The nature of AI interactions meant we also had to prepare for occasional errors or unexpected outputs. There were instances where the AI might produce invalid JSON or outputs that didn't match our expected format. To handle this, we implemented robust error handling and parsing logic throughout our system. If the AI response isn't valid JSON or doesn't contain the expected "tags" key, our system is designed to treat it as if no tags were suggested, rather than attempting to process potentially corrupt data. This ensures that even in the face of AI unpredictability, our system remains stable and reliable.

Future Developments

We believe that features, and the Blue product as a whole, is never "done" — there is always room for improvement.

There were some features that we considered in the initial build that did not pass the scoping phase, but are interesting to note as we will likely implement some version of them in the future.

The first is adding tag description. This would allow end users to not only give tags a name and a colour, but also an optional description. This would be also passed to the AI to help provide further context and potentially improve accuracy.

While additional context could be valuable, we're mindful of the potential complexity it might introduce. There's a delicate balance to strike between providing useful information and overwhelming users with too much detail. As we develop this feature, we'll be focusing on finding that sweet spot where added context enhances rather than complicates the user experience.

Perhaps the most exciting enhancement on our horizon is the integration of AI auto-tagging with our project management automation system.

This means that the AI tagging feature could either be a trigger, or an action from an automation. This could be huge as it could turn this rather simple AI categorization feature into an AI-based routing system for work.

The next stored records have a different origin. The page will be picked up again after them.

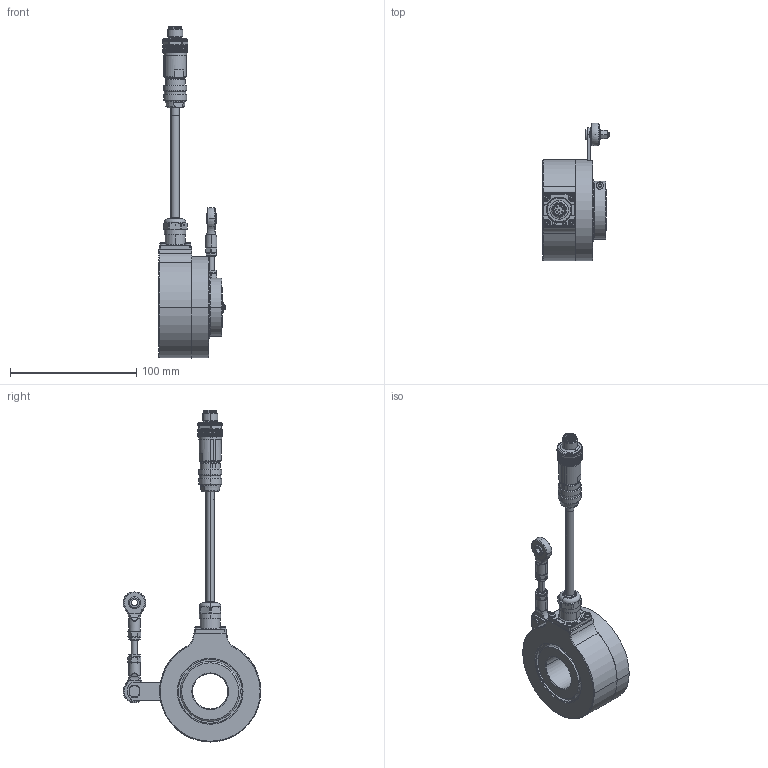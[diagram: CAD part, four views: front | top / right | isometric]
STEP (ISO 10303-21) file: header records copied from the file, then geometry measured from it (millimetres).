
FILE_DESCRIPTION (( 'STEP AP203' ), '1' );
FILE_NAME ('K80I.OXX.XXXXX.XH15828.6XR12.XXXX.step', '2025-12-09T08:00:16', ( '' ), ( '' ), 'SwSTEP 2.0', 'SolidWorks 2021', '' );
FILE_SCHEMA (( 'CONFIG_CONTROL_DESIGN' ));
Length unit declared in the file: millimetre
Products named in the file (1): K80I.OXX.XXXXX.XH15828.6XR12.XXXX
Bounding box: 52.6 x 108.97 x 262.56 mm (x, y, z)
Volume: 221483.2 mm3; surface area: 71522.1 mm2
Topology: 25 solids, 25 shells, 1843 faces, 4553 edges, 2768 vertices
Faces by surface type: plane 678, cylinder 583, cone 365, bspline 106, torus 65, sphere 46
Entity records: 58512 total; most frequent: CARTESIAN_POINT 16413, ORIENTED_EDGE 8966, DIRECTION 8659, EDGE_CURVE 4483, AXIS2_PLACEMENT_3D 3446, VERTEX_POINT 2748, EDGE_LOOP 1937, ADVANCED_FACE 1843

Imagine an automation that states:

When AI tags a record as "Critical" -> Assigned to "Manager" and Send a Custom Email

This means that when you AI-tag a record, if the AI decides it is a critical issue, then it can automatically assign the project manager and send them a custom email. This extends the benefits of our project management automation system from purely a rule-based system into a true flexible AI system.

By continuously exploring the frontiers of AI in project management, we aim to provide our users with tools that not only meet their current needs but anticipate and shape the future of work. As always, we'll be developing these features in close collaboration with our user community, ensuring that every enhancement adds real, practical value to the project management process.


So that's it!

This was a fun feature to implement, and one our first steps into AI, alongside the AI Content Summarization we've previously launched. We know that AI is going to be a bigger and bigger role in project management in the future, and we can't wait to roll out more innovative features leveraging advanced LLMs (Large Language Models).

There was quite a bit to think about while implementing this, and we're especially excited about how we can leverage this feature in the future with Blue's existing project management automation engine.

We also hope it's been an interesting read, and that it gives you a glimpse into how we think about engineering the features that you use everyday.